<<<<

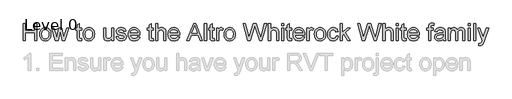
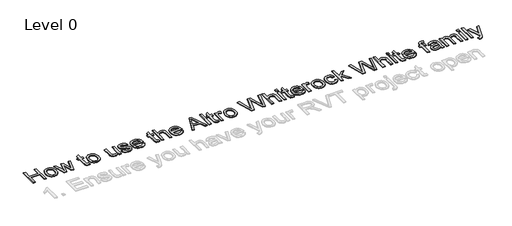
# One storey, part 4 of 6: 1 proxy.
"""IFC4 building model written with IfcOpenShell, lengths in millimetres."""

from ifc_helpers import new_model, si_unit, origin, origin_with_axes, place, context, project, spatial, polyline, outline, extrude, element, save

model = new_model("IFC4")

# Units and contexts
model_context = context("Model", 3, world=origin())
ifc_project = project(units=[si_unit("LENGTHUNIT", "METRE", prefix="MILLI")], contexts=[model_context])

# Site, building, storey
site = spatial("IfcSite", under=ifc_project)
building = spatial("IfcBuilding", under=site)
storey = spatial("IfcBuildingStorey", under=building, Name="Level 0", Elevation=0.0)

# Proxy
placement = place(None, origin())
element("IfcBuildingElementProxy", 1, Name="300mm Arial", ObjectType="300mm Arial", at=placement, inside=storey, context=model_context, shape_type="SweptSolid", body=[
    extrude(outline(polyline([(-63543.1557309, 86050.3631162), (-63543.1557309, 86735.9388738), (-63457.4587612, 86735.9388738), (-63457.4587612, 86457.4237223), (-63093.24664, 86457.4237223), (-63093.24664, 86735.9388738), (-63007.5496703, 86735.9388738), (-63007.5496703, 86050.3631162), (-63093.24664, 86050.3631162), (-63093.24664, 86371.7267526), (-63457.4587612, 86371.7267526), (-63457.4587612, 86050.3631162), (-63543.1557309, 86050.3631162)])), origin_with_axes(), (0.0, 0.0, 1.0), 25.0),
    extrude(outline(polyline([(-62889.716337, 86302.0979647), (-62885.0820892, 86367.3017259), (-62871.1793459, 86423.488057), (-62848.0081072, 86470.6569579), (-62832.946802, 86490.8598721), (-62815.5683729, 86508.8084287), (-62782.9089565, 86533.1931499), (-62746.860158, 86550.610808), (-62707.4219773, 86561.0614028), (-62664.5944146, 86564.5449344), (-62617.3156726, 86560.3029762), (-62574.5665678, 86547.5771018), (-62536.3471001, 86526.367311), (-62502.6572697, 86496.6736039), (-62475.1603844, 86459.5002419), (-62455.519752, 86415.8514862), (-62443.7353725, 86365.727337), (-62439.807246, 86309.1277942), (-62441.5437813, 86263.2560642), (-62446.7533871, 86222.5520958), (-62455.4360635, 86187.0158891), (-62467.5918104, 86156.6474439), (-62483.0689426, 86130.4163463), (-62501.7157747, 86107.2921823), (-62523.5323067, 86087.2749518), (-62548.5185387, 86070.364655), (-62575.7015923, 86056.9274288), (-62604.1085896, 86047.32941), (-62633.7395303, 86041.5705987), (-62664.5944146, 86039.650995), (-62712.5635863, 86043.8772616), (-62755.7102112, 86056.5560613), (-62794.0342894, 86077.6873941), (-62827.5358209, 86107.2712601), (-62854.7397966, 86144.8055286), (-62874.1712079, 86189.7880689), (-62885.8300547, 86242.2188809), (-62889.716337, 86302.0979647)]), holes=[polyline([(-62804.0193673, 86302.2653416), (-62801.540097, 86260.6983361), (-62794.1022863, 86224.7070734), (-62781.7059351, 86194.2915534), (-62764.3510434, 86169.4517762), (-62743.2406326, 86150.1563587), (-62719.5777243, 86136.3739176), (-62693.3623182, 86128.1044529), (-62664.5944146, 86125.3479647), (-62635.9729657, 86128.1201445), (-62609.8621703, 86136.4366839), (-62586.2620282, 86150.2975829), (-62565.1725396, 86169.7028416), (-62547.8176479, 86194.7884536), (-62535.4212967, 86225.6904126), (-62527.983486, 86262.4087187), (-62525.5042157, 86304.9433719), (-62527.9991776, 86345.1922844), (-62535.484063, 86380.242052), (-62547.9588722, 86410.092675), (-62565.4236049, 86434.7441531), (-62586.5915515, 86454.0395707), (-62610.176002, 86467.8220118), (-62636.1769563, 86476.0914765), (-62664.5944146, 86478.8479647), (-62693.3623182, 86476.1019375), (-62719.5777243, 86467.863856), (-62743.2406326, 86454.1337202), (-62764.3510434, 86434.91153), (-62781.7059351, 86410.1449803), (-62794.1022863, 86379.7817656), (-62801.540097, 86343.821886), (-62804.0193673, 86302.2653416)])]), origin_with_axes(), (0.0, 0.0, 1.0), 25.0),
    extrude(outline(polyline([(-62259.8770851, 86050.3631162), (-62413.026943, 86553.8328132), (-62323.9824354, 86553.8328132), (-62237.1138275, 86260.0863643), (-62211.1704089, 86155.1410518), (-62189.9135434, 86256.2366958), (-62120.7868862, 86553.8328132), (-62018.6869809, 86553.8328132), (-61949.8950775, 86257.0735802), (-61930.9814885, 86165.5184192), (-61903.8664316, 86262.094887), (-61816.8304468, 86553.8328132), (-61727.4511854, 86553.8328132), (-61881.7726816, 86050.3631162), (-61985.378979, 86050.3631162), (-62051.1580983, 86345.6159571), (-62070.2390642, 86437.6732488), (-62155.0991495, 86050.3631162), (-62259.8770851, 86050.3631162)])), origin_with_axes(), (0.0, 0.0, 1.0), 25.0),
    extrude(outline(polyline([(-61218.6254279, 86121.8330499), (-61207.9133066, 86047.8524628), (-61241.8489719, 86041.7013619), (-61272.018657, 86039.650995), (-61313.1515287, 86043.207754), (-61343.8233445, 86053.878031), (-61365.4986523, 86070.3228108), (-61379.6419998, 86091.2030783), (-61387.4250254, 86127.0635779), (-61390.0193673, 86188.4490537), (-61390.0193673, 86468.1358435), (-61454.2920945, 86468.1358435), (-61454.2920945, 86553.8328132), (-61390.0193673, 86553.8328132), (-61390.0193673, 86676.1853226), (-61304.3223976, 86726.5657677), (-61304.3223976, 86553.8328132), (-61218.6254279, 86553.8328132), (-61218.6254279, 86468.1358435), (-61304.3223976, 86468.1358435), (-61304.3223976, 86190.9597071), (-61303.1926035, 86162.7567005), (-61299.8032214, 86146.7722071), (-61293.8822638, 86137.9221538), (-61285.1577432, 86131.1224675), (-61272.7927752, 86126.7915904), (-61255.9504752, 86125.3479647), (-61218.6254279, 86121.8330499)])), origin_with_axes(), (0.0, 0.0, 1.0), 25.0),
    extrude(outline(polyline([(-61154.3527006, 86302.0979647), (-61149.7184528, 86367.3017259), (-61135.8157096, 86423.488057), (-61112.6444708, 86470.6569579), (-61097.5831656, 86490.8598721), (-61080.2047366, 86508.8084287), (-61047.5453201, 86533.1931499), (-61011.4965216, 86550.610808), (-60972.058341, 86561.0614028), (-60929.2307782, 86564.5449344), (-60881.9520362, 86560.3029762), (-60839.2029314, 86547.5771018), (-60800.9834638, 86526.367311), (-60767.2936334, 86496.6736039), (-60739.796748, 86459.5002419), (-60720.1561156, 86415.8514862), (-60708.3717362, 86365.727337), (-60704.4436097, 86309.1277942), (-60706.180145, 86263.2560642), (-60711.3897508, 86222.5520958), (-60720.0724271, 86187.0158891), (-60732.2281741, 86156.6474439), (-60747.7053062, 86130.4163463), (-60766.3521383, 86107.2921823), (-60788.1686703, 86087.2749518), (-60813.1549023, 86070.364655), (-60840.337956, 86056.9274288), (-60868.7449532, 86047.32941), (-60898.3758939, 86041.5705987), (-60929.2307782, 86039.650995), (-60977.1999499, 86043.8772616), (-61020.3465749, 86056.5560613), (-61058.6706531, 86077.6873941), (-61092.1721845, 86107.2712601), (-61119.3761603, 86144.8055286), (-61138.8075716, 86189.7880689), (-61150.4664183, 86242.2188809), (-61154.3527006, 86302.0979647)]), holes=[polyline([(-61068.6557309, 86302.2653416), (-61066.1764606, 86260.6983361), (-61058.7386499, 86224.7070734), (-61046.3422987, 86194.2915534), (-61028.987407, 86169.4517762), (-61007.8769963, 86150.1563587), (-60984.2140879, 86136.3739176), (-60957.9986819, 86128.1044529), (-60929.2307782, 86125.3479647), (-60900.6093294, 86128.1201445), (-60874.4985339, 86136.4366839), (-60850.8983919, 86150.2975829), (-60829.8089032, 86169.7028416), (-60812.4540115, 86194.7884536), (-60800.0576603, 86225.6904126), (-60792.6198496, 86262.4087187), (-60790.1405794, 86304.9433719), (-60792.6355412, 86345.1922844), (-60800.1204267, 86380.242052), (-60812.5952358, 86410.092675), (-60830.0599686, 86434.7441531), (-60851.2279151, 86454.0395707), (-60874.8123656, 86467.8220118), (-60900.81332, 86476.0914765), (-60929.2307782, 86478.8479647), (-60957.9986819, 86476.1019375), (-60984.2140879, 86467.863856), (-61007.8769963, 86454.1337202), (-61028.987407, 86434.91153), (-61046.3422987, 86410.1449803), (-61058.7386499, 86379.7817656), (-61066.1764606, 86343.821886), (-61068.6557309, 86302.2653416)])]), origin_with_axes(), (0.0, 0.0, 1.0), 25.0),
    extrude(outline(polyline([(-60018.8678521, 86050.3631162), (-60018.8678521, 86136.8969704), (-60049.8744217, 86094.3518561), (-60085.9859866, 86063.9624888), (-60105.9561422, 86053.3262103), (-60127.2025467, 86045.7288685), (-60149.7252, 86041.1704634), (-60173.5241021, 86039.650995), (-60215.263715, 86043.9191058), (-60254.1160765, 86056.7234382), (-60286.7127266, 86075.971781), (-60309.6852053, 86099.571923), (-60325.1466459, 86128.2352161), (-60335.2101816, 86162.673012), (-60338.9761618, 86195.1441295), (-60340.2314885, 86242.3444136), (-60340.2314885, 86553.8328132), (-60254.5345188, 86553.8328132), (-60254.5345188, 86282.682245), (-60253.2373478, 86228.4521314), (-60249.3458351, 86195.3115064), (-60236.8553343, 86166.1670047), (-60215.452014, 86144.0104884), (-60186.5585777, 86130.0135956), (-60151.597729, 86125.3479647), (-60114.6283575, 86130.1182062), (-60080.0441068, 86144.4289306), (-60051.5272685, 86166.9620449), (-60032.7601343, 86196.3994562), (-60022.3409227, 86236.7163655), (-60018.8678521, 86291.8879742), (-60018.8678521, 86553.8328132), (-59933.1708824, 86553.8328132), (-59933.1708824, 86050.3631162), (-60018.8678521, 86050.3631162)])), origin_with_axes(), (0.0, 0.0, 1.0), 25.0),
    extrude(outline(polyline([(-59847.4739127, 86200.3328132), (-59761.776943, 86211.0449344), (-59756.5987204, 86191.503682), (-59748.2612588, 86174.3893946), (-59736.7645584, 86159.7020722), (-59722.1086191, 86147.4417147), (-59704.2515968, 86137.7756991), (-59683.1516471, 86130.8714022), (-59631.2229657, 86125.3479647), (-59579.9219477, 86130.4111157), (-59559.9831753, 86136.7400545), (-59543.8522271, 86145.6005689), (-59522.5116731, 86167.6106304), (-59517.1765346, 86179.9337542), (-59515.3981551, 86193.1356067), (-59517.1869957, 86204.7055345), (-59522.5535173, 86214.9782914), (-59531.4977201, 86223.9538773), (-59544.019604, 86231.6322923), (-59576.1141234, 86242.5117904), (-59632.2272271, 86256.0693189), (-59710.4340808, 86278.6861217), (-59761.2748123, 86297.9972308), (-59793.9342288, 86319.0657973), (-59817.5971371, 86346.9549723), (-59831.9706279, 86379.8863762), (-59836.7617915, 86416.0816295), (-59832.9121229, 86449.2850208), (-59821.3631173, 86479.9359145), (-59803.16088, 86506.8208281), (-59779.3515169, 86528.7262791), (-59755.6886085, 86542.5139507), (-59724.8703379, 86554.0838785), (-59689.2399816, 86561.9296704), (-59651.1408161, 86564.5449344), (-59595.3624662, 86560.3395899), (-59546.8650112, 86547.7235565), (-59507.8661949, 86527.9312388), (-59480.5837612, 86502.1970414), (-59462.5070566, 86468.617052), (-59451.1254279, 86425.2873586), (-59536.8223976, 86414.5752374), (-59547.6391293, 86441.5438395), (-59569.0424496, 86461.85921), (-59601.2415796, 86474.600776), (-59644.4457404, 86478.8479647), (-59693.6545472, 86474.789075), (-59712.1078497, 86469.7154629), (-59726.4604184, 86462.612406), (-59744.9137209, 86445.0378321), (-59751.0648218, 86424.7852279), (-59748.5123242, 86411.6042976), (-59740.8548313, 86399.8460708), (-59727.7575893, 86389.3431707), (-59708.8858445, 86380.9324817), (-59635.0726343, 86362.6884003), (-59559.3555119, 86340.3017407), (-59509.2888985, 86322.3505689), (-59476.0645851, 86303.0603818), (-59450.8743625, 86276.6566768), (-59434.9944797, 86243.0557654), (-59429.7011854, 86202.173959), (-59435.9150526, 86159.9112933), (-59454.5566542, 86120.159281), (-59468.3600174, 86102.0041185), (-59484.9146383, 86086.0353167), (-59504.2205169, 86072.2528756), (-59526.2776532, 86060.6567952), (-59576.2396561, 86044.902445), (-59632.394604, 86039.650995), (-59678.5173993, 86042.1825705), (-59718.8029255, 86049.7772971), (-59753.2511825, 86062.4351747), (-59781.8621703, 86080.1562033), (-59805.2321691, 86102.8566946), (-59823.9574591, 86130.45296), (-59838.0380403, 86162.9449995), (-59847.4739127, 86200.3328132)])), origin_with_axes(), (0.0, 0.0, 1.0), 25.0),
    extrude(outline(polyline([(-58980.7963559, 86200.3328132), (-58896.7731551, 86189.620692), (-58909.6559454, 86155.9674752), (-58927.0474508, 86126.3103818), (-58948.9476713, 86100.6494118), (-58975.3566068, 86078.9845651), (-59006.00227, 86061.7761282), (-59040.6126734, 86049.4843875), (-59079.1878169, 86042.1093431), (-59121.7277006, 86039.650995), (-59174.9012476, 86043.8929532), (-59222.2793696, 86056.6188276), (-59263.8620667, 86077.8286184), (-59299.6493388, 86107.5223255), (-59328.4277035, 86144.8735255), (-59348.9836783, 86189.0557949), (-59361.3172632, 86240.0691339), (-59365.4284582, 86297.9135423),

>>>>

▶ _Work instructions_
Repeat only the lines between the top of the entries above and the line containing "# Units and contexts", both ends included, without the pictures.

▶ _Response for this exercise_
# One storey, part 4 of 6: 1 proxy.
"""IFC4 building model written with IfcOpenShell, lengths in millimetres."""

from ifc_helpers import new_model, si_unit, origin, origin_with_axes, place, context, project, spatial, polyline, outline, extrude, element, save

model = new_model("IFC4")

# Units and contexts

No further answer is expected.